Exercise brief: Apart from the images, repeat the data below exactly as written.

Available data:

===

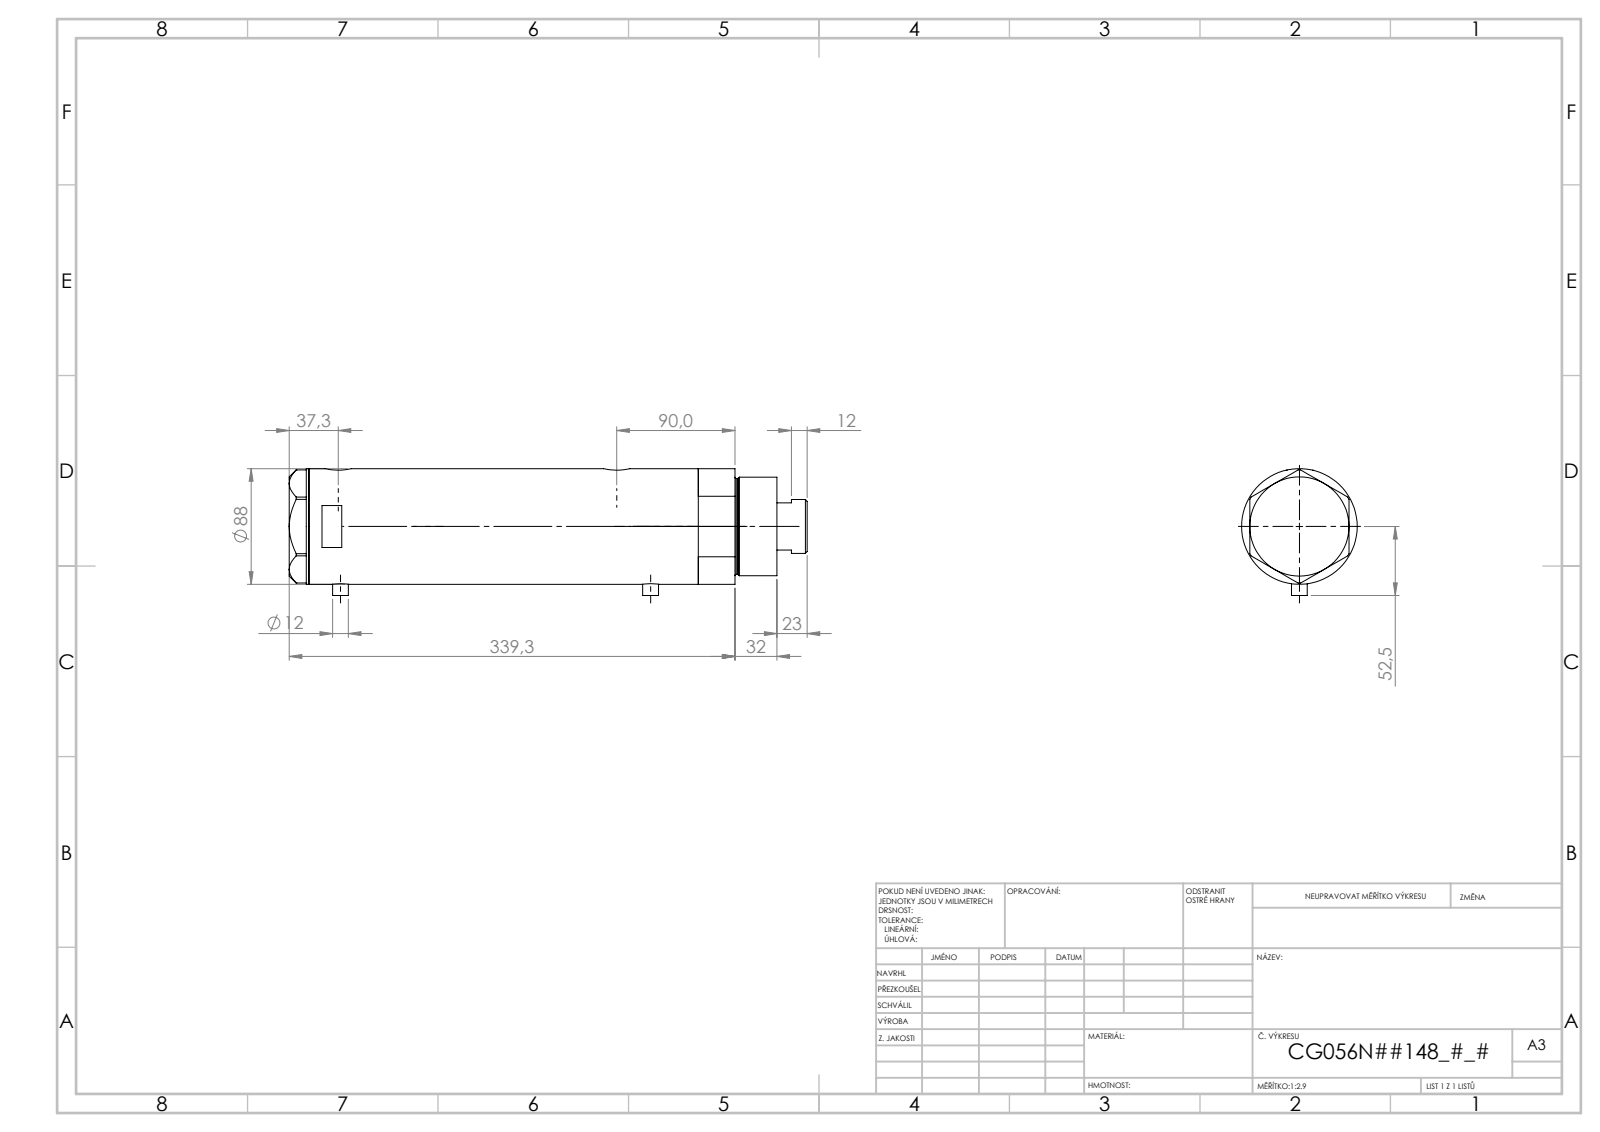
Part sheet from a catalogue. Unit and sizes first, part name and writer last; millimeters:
Units: millimetres
Overall size (bounding box): 394.3 × 96.5 × 88
Round holes (diameter × count): ⌀12.5 ×2, ⌀13.16 ×2, ⌀20 ×2, ⌀14.5 ×1, ⌀42 ×1, ⌀43.5 ×1, ⌀56 ×1, ⌀60 ×1, ⌀80 ×1
Round bosses / shafts (diameter × count): ⌀12 ×2, ⌀88 ×1, ⌀75 ×1, ⌀73 ×1, ⌀41 ×1
Main face-to-face distances: 234.4, 26, 208.4, 15, 41, 249.4, 356.3, 371.3, 330.3, 121.9
Hole centre spacings: 1.7, 25.8, 210.3, 212, 236.1, 237.8
Volume: 2 037 000 mm³ · Surface area: 279 956 mm²
Bodies: 4 solids, 121 faces (52 planar, 49 cylindrical, 20 other)
Part name (STEP PRODUCT): V270CG_VC; V270CG_MIDDLE; V270CG_BACK; V270CG_FRONT
STEP written by: SolidWorks 2019 (CONFIG_CONTROL_DESIGN)

===

Response:
Part sheet from a catalogue. Unit and sizes first, part name and writer last; millimeters:
Units: millimetres
Overall size (bounding box): 394.3 × 96.5 × 88
Round holes (diameter × count): ⌀12.5 ×2, ⌀13.16 ×2, ⌀20 ×2, ⌀14.5 ×1, ⌀42 ×1, ⌀43.5 ×1, ⌀56 ×1, ⌀60 ×1, ⌀80 ×1
Round bosses / shafts (diameter × count): ⌀12 ×2, ⌀88 ×1, ⌀75 ×1, ⌀73 ×1, ⌀41 ×1
Main face-to-face distances: 234.4, 26, 208.4, 15, 41, 249.4, 356.3, 371.3, 330.3, 121.9
Hole centre spacings: 1.7, 25.8, 210.3, 212, 236.1, 237.8
Volume: 2 037 000 mm³ · Surface area: 279 956 mm²
Bodies: 4 solids, 121 faces (52 planar, 49 cylindrical, 20 other)
Part name (STEP PRODUCT): V270CG_VC; V270CG_MIDDLE; V270CG_BACK; V270CG_FRONT
STEP written by: SolidWorks 2019 (CONFIG_CONTROL_DESIGN)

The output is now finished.